Report back every line below that carries the word "HIDDEN".

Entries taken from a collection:
· · · ·

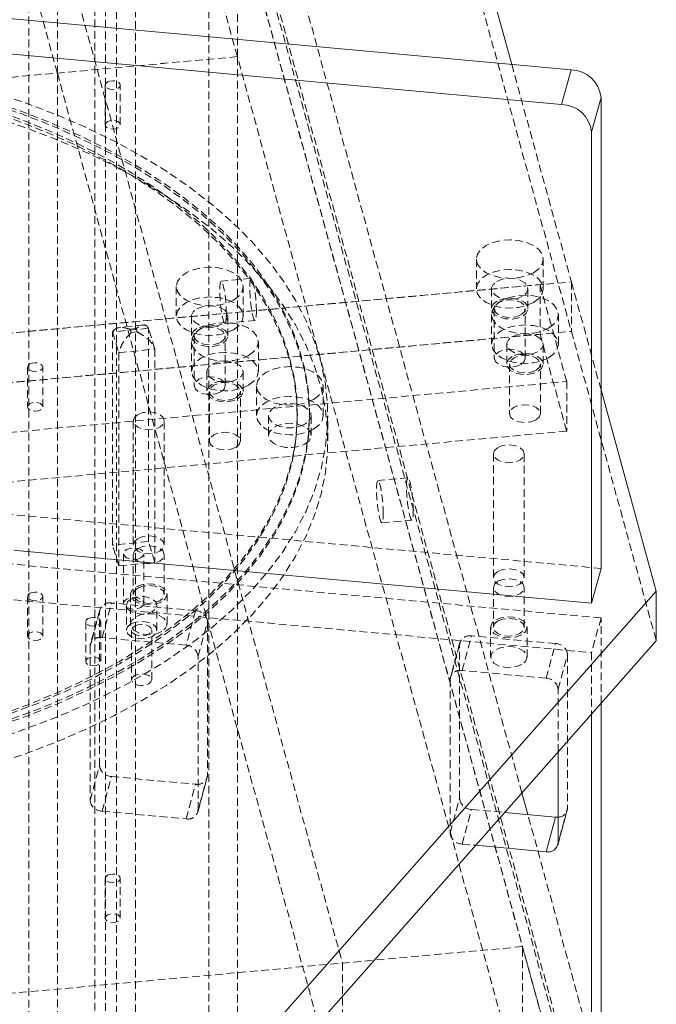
# Model space of a CAD drawing. Header units: millimetres. Extents: x 1529 to 6255, y 1713 to 5797.
# Tile 57 of 82: x 5938 to 6043, y 4709 to 4871. Entities that reach past the tile are written whole.
import ezdxf

# ---------------------------------------------------------------- set-up
doc = ezdxf.new("R2010")
doc.units = ezdxf.units.MM
doc.linetypes.add('HIDDEN', pattern=[1.905, 1.27, -0.635])

msp = doc.modelspace()

# ---------------------------------------------------------------- linework, layer by layer
at = {"color": 7, "linetype": 'Continuous', "lineweight": 15}
for p, q in [((5965.949, 5057.485), (6019.153, 4863.565)), ((5857.623, 4878.334), (6028.921, 4862.671)), ((5880.513, 4870.396), (6027.357, 4856.97)), ((6028.921, 4862.671), (6027.357, 4856.97)), ((6033.86, 4858.137), (6032.295, 4852.435)), ((6033.86, 4858.137), (6033.86, 4780.566)), ((6032.295, 4852.435), (6032.295, 4774.864)), ((6042.954, 4776.812), (6033.86, 4809.961)), ((5938.172, 4783.47), (6032.295, 4774.864)), ((6032.295, 4774.864), (6033.86, 4780.566)), ((5819.476, 4523.613), (6042.954, 4776.812)), ((6042.954, 4776.812), (6042.954, 4768.647)), ((6042.954, 4768.647), (5819.476, 4515.448)), ((6033.86, 4649.919), (6033.86, 4758.342)), ((6032.295, 4756.57), (6032.295, 4644.218)), ((6026.788, 4735.357), (6026.788, 4750.33)), ((6021.818, 4740.023), (6020.839, 4743.59)), ((6017.999, 4740.372), (6026.377, 4739.606)), ((6024.813, 4733.905), (6026.377, 4739.606)), ((6013.226, 4734.964), (6024.813, 4733.905))]:
    msp.add_line(p, q, dxfattribs=at)
at = {"color": 7, "linetype": 'HIDDEN', "lineweight": 0}
for p, q in [((5965.949, 5049.32), (6028.977, 4819.594)), ((5954.093, 4979.01), (5954.093, 4410.698)), ((5950.557, 4408.657), (5950.557, 4976.969)), ((5952.284, 4975.012), (6042.642, 4645.673)), ((5952.284, 4406.7), (5952.284, 4975.012)), ((6020.839, 4743.59), (5957.223, 4975.464)), ((5957.223, 4975.464), (5957.223, 4407.152)), ((5965.949, 4926.839), (6028.977, 4697.113)), ((5965.949, 4918.673), (6028.977, 4688.947)), ((5973.998, 4889.337), (6020.928, 4718.283)), ((5973.998, 4864.841), (5973.998, 4889.337)), ((5944.367, 4886.628), (5991.297, 4715.574)), ((5944.367, 4862.132), (5944.367, 4886.628)), ((5973.998, 4864.841), (5969.305, 4881.946)), ((5969.305, 4881.946), (5969.305, 4375.691)), ((5944.367, 4862.132), (5939.674, 4879.237)), ((5939.674, 4372.982), (5939.674, 4879.237)), ((5973.998, 4864.841), (5702.383, 4840.006)), ((5973.998, 4864.841), (5944.367, 4862.132)), ((6020.928, 4693.787), (5973.998, 4864.841)), ((5973.998, 4358.586), (5973.998, 4864.841)), ((6019.153, 4863.565), (6028.977, 4827.759)), ((5944.367, 4862.132), (5991.297, 4691.078)), ((5944.367, 4355.877), (5944.367, 4862.132)), ((5952.232, 4860.164), (5952.232, 4853.631)), ((5954.732, 4853.631), (5954.732, 4860.164)), ((6013.336, 4831.508), (6013.336, 4826.609)), ((6024.336, 4826.609), (6024.336, 4831.508)), ((5757.362, 4802.925), (6028.977, 4827.759)), ((5814.434, 4808.16), (6023.824, 4827.305)), ((5976.271, 4828.338), (5971.333, 4827.887)), ((6028.204, 4811.34), (6023.824, 4827.305)), ((6023.824, 4827.305), (6023.824, 4819.14)), ((6033.86, 4809.961), (6028.977, 4827.759)), ((6028.977, 4827.759), (6028.977, 4819.594)), ((5963.952, 4826.992), (5963.952, 4822.093)), ((5974.952, 4822.093), (5974.952, 4826.992)), ((6015.836, 4826.609), (6015.836, 4823.342)), ((6021.836, 4823.342), (6021.836, 4826.609)), ((6015.839, 4822.385), (6015.839, 4817.486)), ((6016.286, 4823.342), (6016.286, 4815.177)), ((6021.386, 4815.177), (6021.386, 4823.342)), ((6026.839, 4817.486), (6026.839, 4822.385)), ((5958.6, 4820.652), (5954.548, 4820.239)), ((5966.452, 4822.093), (5966.452, 4818.827)), ((5971.97, 4820.916), (5976.908, 4821.367)), ((5972.452, 4818.827), (5972.452, 4822.093)), ((5757.362, 4794.759), (6028.977, 4819.594)), ((5814.434, 4799.995), (6023.824, 4819.14)), ((5959.365, 4820.104), (5953.456, 4819.502)), ((5953.456, 4819.502), (5954.498, 4816.091)), ((5953.456, 4784.391), (5953.456, 4819.502)), ((5957.337, 4820.065), (5956.352, 4819.965)), ((5956.352, 4819.965), (5956.526, 4819.396)), ((5956.526, 4819.396), (5957.511, 4819.497)), ((5957.511, 4819.497), (5957.337, 4820.065)), ((5960.407, 4816.693), (5959.365, 4820.104)), ((5959.365, 4784.993), (5959.365, 4820.104)), ((6023.824, 4819.14), (6028.204, 4803.175)), ((6028.977, 4819.594), (6042.954, 4768.647)), ((5966.454, 4817.87), (5966.454, 4812.97)), ((5966.902, 4818.827), (5966.902, 4810.662)), ((5972.002, 4810.662), (5972.002, 4818.827)), ((5977.454, 4812.97), (5977.454, 4817.87)), ((6018.339, 4817.486), (6018.339, 4814.22)), ((6024.339, 4814.22), (6024.339, 4817.486)), ((5954.498, 4816.091), (5960.407, 4816.693)), ((5954.498, 4816.091), (5954.498, 4780.98)), ((5960.407, 4816.693), (5960.407, 4781.582)), ((6018.789, 4814.22), (6018.789, 4806.054)), ((6023.889, 4806.054), (6023.889, 4814.22)), ((5939.47, 4813.723), (5939.47, 4807.191)), ((5941.97, 4807.191), (5941.97, 4813.723)), ((5968.954, 4812.97), (5968.954, 4809.704)), ((5974.955, 4809.704), (5974.955, 4812.97)), ((5818.814, 4792.195), (6028.204, 4811.34)), ((6028.204, 4811.34), (6028.204, 4803.175)), ((5969.404, 4809.704), (5969.404, 4801.539)), ((5974.505, 4801.539), (5974.505, 4809.704)), ((5977.148, 4810.621), (5977.148, 4805.722)), ((5988.148, 4805.722), (5988.148, 4810.621)), ((5983.879, 4805.673), (5983.879, 4806.081)), ((5985.879, 4805.673), (5985.879, 4806.081)), ((6033.86, 4780.566), (5768.021, 4804.872)), ((5956.87, 4804.863), (5956.87, 4784.45)), ((5961.97, 4784.45), (5961.97, 4804.863)), ((5979.148, 4805.722), (5979.148, 4802.456)), ((5986.148, 4802.456), (5986.148, 4805.722)), ((5988.879, 4801.59), (5988.879, 4805.673)), ((6028.204, 4803.175), (5818.814, 4784.03)), ((5766.457, 4799.171), (5938.172, 4783.47)), ((6016.131, 4799.445), (6016.131, 4779.031)), ((6021.231, 4779.031), (6021.231, 4799.445)), ((6033.86, 4772.401), (5768.021, 4796.707)), ((6002.083, 4795.499), (5997.144, 4795.048)), ((5766.457, 4791.005), (6032.295, 4766.699)), ((5997.782, 4788.077), (6002.72, 4788.528)), ((5959.365, 4784.993), (5953.456, 4784.391)), ((5960.407, 4781.582), (5959.365, 4784.993)), ((5954.498, 4780.98), (5953.456, 4784.391)), ((5955.281, 4782.986), (5955.281, 4774.821)), ((5956.87, 4782.817), (5956.87, 4776.284)), ((5958.582, 4774.821), (5958.582, 4782.986)), ((5961.97, 4776.284), (5961.97, 4782.817)), ((5954.498, 4780.98), (5960.407, 4781.582)), ((6016.131, 4777.398), (6016.131, 4770.866)), ((6021.231, 4770.866), (6021.231, 4777.398)), ((5939.47, 4775.958), (5939.47, 4769.426)), ((5941.97, 4769.426), (5941.97, 4775.958)), ((5956.42, 4776.284), (5956.42, 4771.385)), ((5962.42, 4771.385), (5962.42, 4776.284)), ((5951.359, 4773.764), (5949.795, 4768.063)), ((5951.724, 4769.166), (5953.288, 4774.868)), ((5967.116, 4773.604), (5953.288, 4774.868)), ((5955.747, 4774.481), (5955.747, 4770.399)), ((5960.747, 4770.399), (5960.747, 4774.481)), ((5967.116, 4773.604), (5965.551, 4767.902)), ((5951.313, 4773.416), (5949.748, 4767.714)), ((5951.313, 4748.103), (5951.313, 4773.416)), ((6033.86, 4772.401), (6032.295, 4766.699)), ((6033.86, 4758.342), (6033.86, 4772.401)), ((5949.035, 4771.781), (5949.035, 4765.249)), ((5951.535, 4765.249), (5951.535, 4771.781)), ((5956.597, 4770.399), (5956.597, 4762.233)), ((5959.897, 4762.233), (5959.897, 4770.399)), ((5967.527, 4766.088), (5969.091, 4771.79)), ((5969.091, 4771.79), (5969.091, 4746.477)), ((6015.681, 4770.866), (6015.681, 4765.967)), ((6021.681, 4765.967), (6021.681, 4770.866)), ((5965.551, 4767.902), (5951.724, 4769.166)), ((6010.985, 4763.748), (6012.549, 4769.45)), ((6026.377, 4768.185), (6012.549, 4769.45)), ((5949.748, 4767.714), (5949.748, 4742.401)), ((6010.574, 4767.997), (6009.01, 4762.295)), ((6010.621, 4768.346), (6009.056, 4762.644)), ((6010.574, 4742.685), (6010.574, 4767.997)), ((6024.813, 4762.484), (6026.377, 4768.185)), ((5967.527, 4740.776), (5967.527, 4766.088)), ((6026.788, 4760.67), (6028.352, 4766.372)), ((6028.352, 4766.372), (6028.352, 4741.059)), ((6032.295, 4766.699), (6032.295, 4756.57)), ((6009.01, 4762.295), (6009.01, 4736.983)), ((6024.813, 4762.484), (6010.985, 4763.748)), ((6026.788, 4750.33), (6026.788, 4760.67)), ((5949.748, 4742.401), (5951.313, 4748.103)), ((5951.724, 4740.587), (5953.288, 4746.289)), ((5953.288, 4746.289), (5967.116, 4745.025)), ((5967.48, 4740.427), (5969.044, 4746.129)), ((5969.091, 4746.477), (5967.527, 4740.776)), ((5965.551, 4739.323), (5967.116, 4745.025)), ((6009.01, 4736.983), (6010.574, 4742.685)), ((5951.724, 4740.587), (5965.551, 4739.323)), ((6010.985, 4735.169), (6012.549, 4740.871)), ((6012.549, 4740.871), (6017.999, 4740.372)), ((6033.86, 4696.133), (6021.818, 4740.023)), ((6026.741, 4735.009), (6028.306, 4740.71)), ((6028.352, 4741.059), (6026.788, 4735.357)), ((6010.985, 4735.169), (6013.226, 4734.964)), ((5952.232, 4729.517), (5952.232, 4722.985)), ((5954.732, 4722.985), (5954.732, 4729.517)), ((6020.928, 4718.283), (5749.314, 4693.449)), ((6020.928, 4718.283), (5991.297, 4715.574)), ((6020.928, 4693.787), (6020.928, 4718.283)), ((6025.621, 4701.178), (6020.928, 4718.283)), ((5991.297, 4715.574), (5991.297, 4691.078))]:
    msp.add_line(p, q, dxfattribs=at)
at = {"color": 7, "linetype": 'HIDDEN', "lineweight": 0, "flags": 128}
for points in [[(5809.632, 4848.534), (5814.075, 4850.954), (5818.754, 4853.22), (5823.653, 4855.326), (5828.756, 4857.264), (5834.046, 4859.027), (5839.504, 4860.609), (5845.112, 4862.006), (5850.852, 4863.211), (5856.703, 4864.223), (5862.646, 4865.036), (5868.661, 4865.648), (5874.727, 4866.058), (5880.825, 4866.263), (5886.933, 4866.263), (5893.03, 4866.058), (5899.097, 4865.648), (5905.112, 4865.036), (5911.055, 4864.223), (5916.906, 4863.211), (5922.645, 4862.006), (5928.254, 4860.609), (5933.712, 4859.027), (5939.001, 4857.264), (5944.104, 4855.326), (5949.003, 4853.22), (5953.682, 4850.954), (5958.125, 4848.534), (5962.316, 4845.97), (5966.242, 4843.269), (5969.89, 4840.44), (5973.246, 4837.495), (5976.3, 4834.441), (5979.041, 4831.29), (5981.46, 4828.052), (5983.549, 4824.739), (5985.301, 4821.361), (5986.709, 4817.93), (5987.77, 4814.458), (5988.479, 4810.956), (5988.834, 4807.436), (5988.834, 4803.91), (5988.479, 4800.39), (5987.77, 4796.888), (5986.709, 4793.415), (5985.301, 4789.985), (5983.549, 4786.607), (5981.46, 4783.293), (5979.041, 4780.056), (5976.3, 4776.905), (5973.246, 4773.851), (5969.89, 4770.905), (5966.242, 4768.077), (5962.316, 4765.376), (5958.125, 4762.812), (5953.682, 4760.392), (5949.003, 4758.125), (5944.104, 4756.02), (5939.001, 4754.082), (5933.712, 4752.319), (5928.254, 4750.737), (5922.645, 4749.34), (5916.906, 4748.134), (5911.055, 4747.123), (5905.112, 4746.31), (5899.097, 4745.698), (5893.03, 4745.288), (5886.933, 4745.083), (5880.825, 4745.083), (5874.727, 4745.288), (5868.661, 4745.698), (5862.646, 4746.31), (5856.703, 4747.123), (5850.852, 4748.134), (5845.112, 4749.34), (5839.504, 4750.737), (5834.046, 4752.319), (5828.756, 4754.082), (5823.653, 4756.02), (5818.754, 4758.125), (5814.075, 4760.392), (5809.633, 4762.812), (5805.441, 4765.376), (5801.515, 4768.077), (5797.868, 4770.905), (5794.511, 4773.851), (5791.458, 4776.905), (5788.716, 4780.056), (5786.297, 4783.293), (5784.208, 4786.607), (5782.457, 4789.985), (5781.048, 4793.415), (5779.987, 4796.888), (5779.278, 4800.39), (5778.923, 4803.91), (5778.923, 4807.436), (5779.278, 4810.956), (5779.987, 4814.458), (5781.048, 4817.93), (5782.456, 4821.361), (5784.208, 4824.739), (5786.297, 4828.052), (5788.716, 4831.29), (5791.458, 4834.441), (5794.511, 4837.495), (5797.868, 4840.44), (5801.515, 4843.269), (5805.441, 4845.97), (5809.632, 4848.534)], [(5811.754, 4847.718), (5807.645, 4845.203), (5803.8, 4842.552), (5800.23, 4839.777), (5796.949, 4836.885), (5793.967, 4833.886), (5791.295, 4830.792), (5788.943, 4827.613), (5786.917, 4824.359), (5785.226, 4821.043), (5783.875, 4817.675), (5782.869, 4814.267), (5782.211, 4810.83), (5781.903, 4807.378), (5781.947, 4803.921), (5782.343, 4800.471), (5783.088, 4797.041), (5784.181, 4793.641), (5785.617, 4790.285), (5787.393, 4786.983), (5789.5, 4783.747), (5791.934, 4780.588), (5794.684, 4777.517), (5797.741, 4774.545), (5801.096, 4771.681), (5804.736, 4768.935), (5808.648, 4766.318), (5812.82, 4763.838), (5817.237, 4761.503), (5821.884, 4759.322), (5826.744, 4757.302), (5831.802, 4755.451), (5837.039, 4753.774), (5842.437, 4752.277), (5847.978, 4750.966), (5853.643, 4749.844), (5859.413, 4748.917), (5865.266, 4748.187), (5871.184, 4747.656), (5877.145, 4747.326), (5883.13, 4747.199), (5889.117, 4747.276), (5895.087, 4747.554), (5901.017, 4748.035), (5906.889, 4748.716), (5912.681, 4749.594), (5918.374, 4750.667), (5923.948, 4751.931), (5929.383, 4753.382), (5934.662, 4755.015), (5939.766, 4756.823), (5944.678, 4758.802), (5949.379, 4760.943), (5953.855, 4763.24), (5958.09, 4765.685), (5962.069, 4768.269), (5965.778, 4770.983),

· · · ·

Solution below
doc.linetypes.add('HIDDEN', pattern=[1.905, 1.27, -0.635])
at = {"color": 7, "linetype": 'HIDDEN', "lineweight": 0}
at = {"color": 7, "linetype": 'HIDDEN', "lineweight": 0, "flags": 128}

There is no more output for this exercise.